Not too surprisingly, numbered among the highly correlated economies are pairs of European countries, such as Spain (ES) and France (FR).[6] These countries are all quite closely integrated, both through trade and, for many, through common monetary policy, as well as many other European initiatives for greater economic and political integration that have come into force since the Treaty of Rome in 1957. Also, not too surprisingly, Canada (CA) and the United States (US) are the most highly correlated two economies in the 1980–2000 period (and the second highest in the earlier period). What is surprising is the fact that the correlation of Australia with the US (and by implication Canada) is among the highest of our group of countries. As we noted in the introduction, this high correlation is somewhat difficult to explain and is one of the motivations for the current study. It is interesting to note that this high correlation between Australia and the US is a feature only of the 1980–2000 period; for the earlier sample, the correlation is only 0.16.
The least correlated economies are presented in Figure 4. The two countries that appear most often in this regard are Japan (JP) and New Zealand (NZ). This probably reflects the unique events that these countries experienced over a considerable part of the sample period. In the case of New Zealand, the large structural reforms of the late 1980s and early 1990s; in the case of Japan, the stagnant growth that occurred in the wake of the bursting of the asset price bubble in the early 1990s. These two examples serve to highlight that idiosyncratic events can be influential and need to be borne in mind throughout the analysis. It also seems that country-specific shocks are not necessarily transmitted via trading links to other economies. While Japan is a major export destination for Australian goods, output growth in these two countries is virtually uncorrelated in the 1980–2000 period.
Table 1 also reports the correlations among the English-speaking economies of our sample: Australia (AU), Canada (CA), New Zealand (NZ), United Kingdom (GB) and United States (US). The strong correlation between GDP growth in Australia and the US has already been noted. In addition, other studies (for example Artis 2000) have noted a strong correlation between the US and UK business cycle, despite the close trade, financial and, at least until 1992, policy linkages of the UK with the European economies. From this, it seems useful to consider the English-speaking economies as a group.
For the full sample and the most recent sample, the mean correlation among the English-speaking economies is significantly higher than the mean correlation for all countries.
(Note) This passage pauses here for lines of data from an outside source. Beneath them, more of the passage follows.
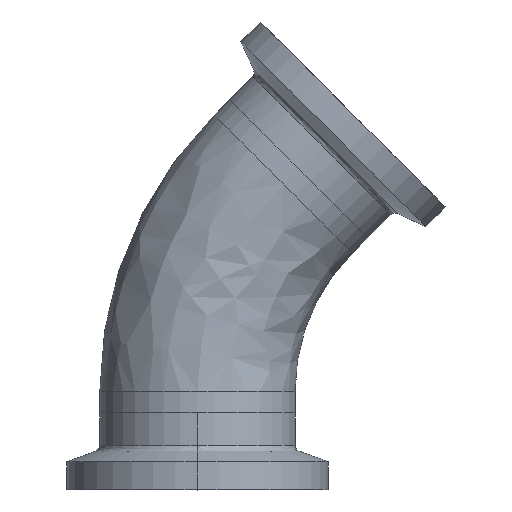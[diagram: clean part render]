
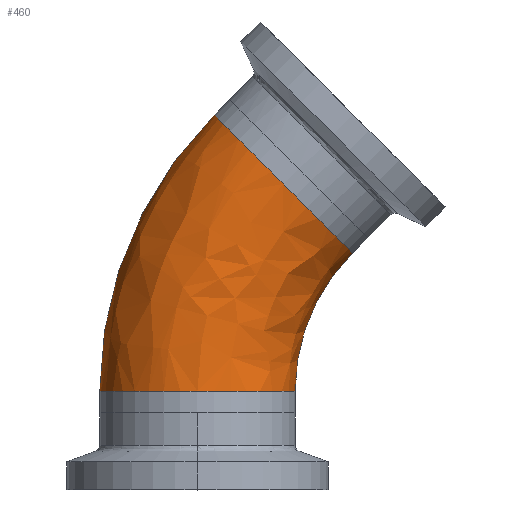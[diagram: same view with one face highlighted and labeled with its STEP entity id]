
A CAD part, top view. The second image highlights one B-rep face of the part: STEP entity #460.
In plain terms, the highlighted free-form (B-spline) face has degree [3, 3] with [4, 4] control points.
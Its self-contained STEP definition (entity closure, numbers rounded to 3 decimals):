
#116 = CARTESIAN_POINT ( 'NONE',  ( -12.7, 2.818, 0. ) ) ;
#167 = CIRCLE ( 'NONE', #1492, 12.7 ) ;
#193 = CARTESIAN_POINT ( 'NONE',  ( 20.139, 20.779, 0. ) ) ;
#199 = CARTESIAN_POINT ( 'NONE',  ( 15.312, 15.952, 0. ) ) ;
#216 = CARTESIAN_POINT ( 'NONE',  ( 12.7, 9.645, 0. ) ) ;
#222 = CARTESIAN_POINT ( 'NONE',  ( 12.7, 2.818, 0. ) ) ;
#226 = CARTESIAN_POINT ( 'NONE',  ( 20.139, 20.779, 25.4 ) ) ;
#230 = DIRECTION ( 'NONE',  ( -1., 0., 0. ) ) ;
#231 = CARTESIAN_POINT ( 'NONE',  ( 15.312, 15.952, 25.4 ) ) ;
#235 = CARTESIAN_POINT ( 'NONE',  ( 12.7, 9.645, 25.4 ) ) ;
#236 = EDGE_LOOP ( 'NONE', ( #1986, #466, #256, #1856 ) ) ;
#238 = DIRECTION ( 'NONE',  ( 0., 0., -1. ) ) ;
#239 = CARTESIAN_POINT ( 'NONE',  ( 12.7, 2.818, 25.4 ) ) ;
#245 = CARTESIAN_POINT ( 'NONE',  ( 2.179, 38.739, 25.4 ) ) ;
#250 = CARTESIAN_POINT ( 'NONE',  ( 2.179, 38.739, 0. ) ) ;
#251 =( BOUNDED_SURFACE ( )  B_SPLINE_SURFACE ( 3, 3, ( 
 ( #274, #285, #431, #250 ),
 ( #941, #1681, #1038, #245 ),
 ( #239, #235, #231, #226 ),
 ( #222, #216, #199, #193 ) ),
 .UNSPECIFIED., .F., .F., .F. ) 
 B_SPLINE_SURFACE_WITH_KNOTS ( ( 4, 4 ),
 ( 4, 4 ),
 ( 0., 1. ),
 ( 0., 1. ),
 .UNSPECIFIED. ) 
 GEOMETRIC_REPRESENTATION_ITEM ( )  RATIONAL_B_SPLINE_SURFACE ( (
 ( 1., 0.949, 0.949, 1.),
 ( 0.333, 0.316, 0.316, 0.333),
 ( 0.333, 0.316, 0.316, 0.333),
 ( 1., 0.949, 0.949, 1.) ) ) 
 REPRESENTATION_ITEM ( '' )  SURFACE ( )  );
#254 = EDGE_CURVE ( 'NONE', #471, #774, #677, .T. ) ;
#256 = ORIENTED_EDGE ( 'NONE', *, *, #1104, .T. ) ;
#274 = CARTESIAN_POINT ( 'NONE',  ( -12.7, 2.818, 0. ) ) ;
#285 = CARTESIAN_POINT ( 'NONE',  ( -12.7, 16.472, 0. ) ) ;
#348 = CARTESIAN_POINT ( 'NONE',  ( 38.1, 2.818, 0. ) ) ;
#425 = CIRCLE ( 'NONE', #1034, 25.4 ) ;
#431 = CARTESIAN_POINT ( 'NONE',  ( -7.475, 29.085, 0. ) ) ;
#460 = ADVANCED_FACE ( 'NONE', ( #730 ), #251, .T. ) ;
#466 = ORIENTED_EDGE ( 'NONE', *, *, #1587, .T. ) ;
#471 = VERTEX_POINT ( 'NONE', #116 ) ;
#495 = CARTESIAN_POINT ( 'NONE',  ( 20.139, 20.779, 0. ) ) ;
#657 = VERTEX_POINT ( 'NONE', #495 ) ;
#660 = CIRCLE ( 'NONE', #1064, 12.7 ) ;
#677 = CIRCLE ( 'NONE', #2005, 50.8 ) ;
#730 = FACE_OUTER_BOUND ( 'NONE', #236, .T. ) ;
#774 = VERTEX_POINT ( 'NONE', #1251 ) ;
#900 = CARTESIAN_POINT ( 'NONE',  ( 38.1, 2.818, 0. ) ) ;
#941 = CARTESIAN_POINT ( 'NONE',  ( -12.7, 2.818, 25.4 ) ) ;
#1034 = AXIS2_PLACEMENT_3D ( 'NONE', #900, #1314, #1156 ) ;
#1038 = CARTESIAN_POINT ( 'NONE',  ( -7.475, 29.085, 25.4 ) ) ;
#1064 = AXIS2_PLACEMENT_3D ( 'NONE', #1297, #1303, #1310 ) ;
#1104 = EDGE_CURVE ( 'NONE', #657, #774, #660, .T. ) ;
#1113 = EDGE_CURVE ( 'NONE', #471, #1418, #167, .T. ) ;
#1156 = DIRECTION ( 'NONE',  ( -1., 0., 0. ) ) ;
#1181 = CARTESIAN_POINT ( 'NONE',  ( 12.7, 2.818, 0. ) ) ;
#1251 = CARTESIAN_POINT ( 'NONE',  ( 2.179, 38.739, 0. ) ) ;
#1297 = CARTESIAN_POINT ( 'NONE',  ( 11.159, 29.759, 0. ) ) ;
#1303 = DIRECTION ( 'NONE',  ( -0.707, -0.707, 0. ) ) ;
#1310 = DIRECTION ( 'NONE',  ( -0.707, 0.707, 0. ) ) ;
#1314 = DIRECTION ( 'NONE',  ( 0., 0., -1. ) ) ;
#1418 = VERTEX_POINT ( 'NONE', #1181 ) ;
#1420 = CARTESIAN_POINT ( 'NONE',  ( 0., 2.818, 0. ) ) ;
#1426 = DIRECTION ( 'NONE',  ( 0., 1., 0. ) ) ;
#1438 = DIRECTION ( 'NONE',  ( -1., 0., 0. ) ) ;
#1492 = AXIS2_PLACEMENT_3D ( 'NONE', #1420, #1426, #1438 ) ;
#1587 = EDGE_CURVE ( 'NONE', #1418, #657, #425, .T. ) ;
#1681 = CARTESIAN_POINT ( 'NONE',  ( -12.7, 16.472, 25.4 ) ) ;
#1856 = ORIENTED_EDGE ( 'NONE', *, *, #254, .F. ) ;
#1986 = ORIENTED_EDGE ( 'NONE', *, *, #1113, .T. ) ;
#2005 = AXIS2_PLACEMENT_3D ( 'NONE', #348, #238, #230 ) ;

The most dramatic difference occurs in the 1980–2000 sample. For this period, all of the correlations are positive, 0.22–0.85, and the mean correlation is nearly twice that of the full set of countries, 0.52 compared to 0.27. Interestingly, this strong relationship between these economies is not apparent in the 1960–1979 sample. Although the correlations are uniformly positive, the mean correlation is the same as that for the entire set of countries, 0.31.
The empirical models that we develop in this paper seek to explain the bilateral correlations for all of the countries in the sample. However, given our interest in Australia and the US, and the English-speaking countries more generally, we examine in some detail the ability of our model to explain the pattern of bilateral correlation that we observe for these countries.
Footnotes
See, for example, Dungey and Pagan (2000); de Brouwer and Romalis (1996); de Roos and Russell (1996); Debelle and Preston (1995) and Gruen and Shuetrim (1994). [1]
See Canova and Dellas (1993); Frankel and Rose (1998); Clark and van Wincoop (1999) and Imbs (2000). [2]
Canova and Dellas (1993) have a similar objective to this paper. Frankel and Rose (1998), in contrast, are concerned with a slightly different issue, whether or not highly correlated business cycles, a criteria for participation in a common currency, are a function of the extent of trade. If so, then participation in a common currency, by increasing trade, is likely to ensure that participating countries have highly correlated business cycles. [3]
We focus on growth rates of GDP as our means of identifying common cycles in the economies we consider. Growth rates have the advantage of being a natural measure of how economies perform over the cycle; however, they are not the only means of describing the business cycle and, in fact, they may be a poor measure of the business cycle for a variety of technical reasons, see Baxter and King (1995). Nonetheless, we believe that growth rates provide a reasonable and natural measure of the business cycle that is sufficient for our purposes. Some support for this is provided by Frankel and Rose (1998), who consider a variety of different means of detrending the GDP data, including four-quarter-ended growth rates as we do here, and find that the results are not very sensitive to the different detrending methods. [4]
The estimates were obtained with StataCorp (1997) and use a Epanechnikov kernel. [5]
An index of country codes is provided in Appendix B. [6]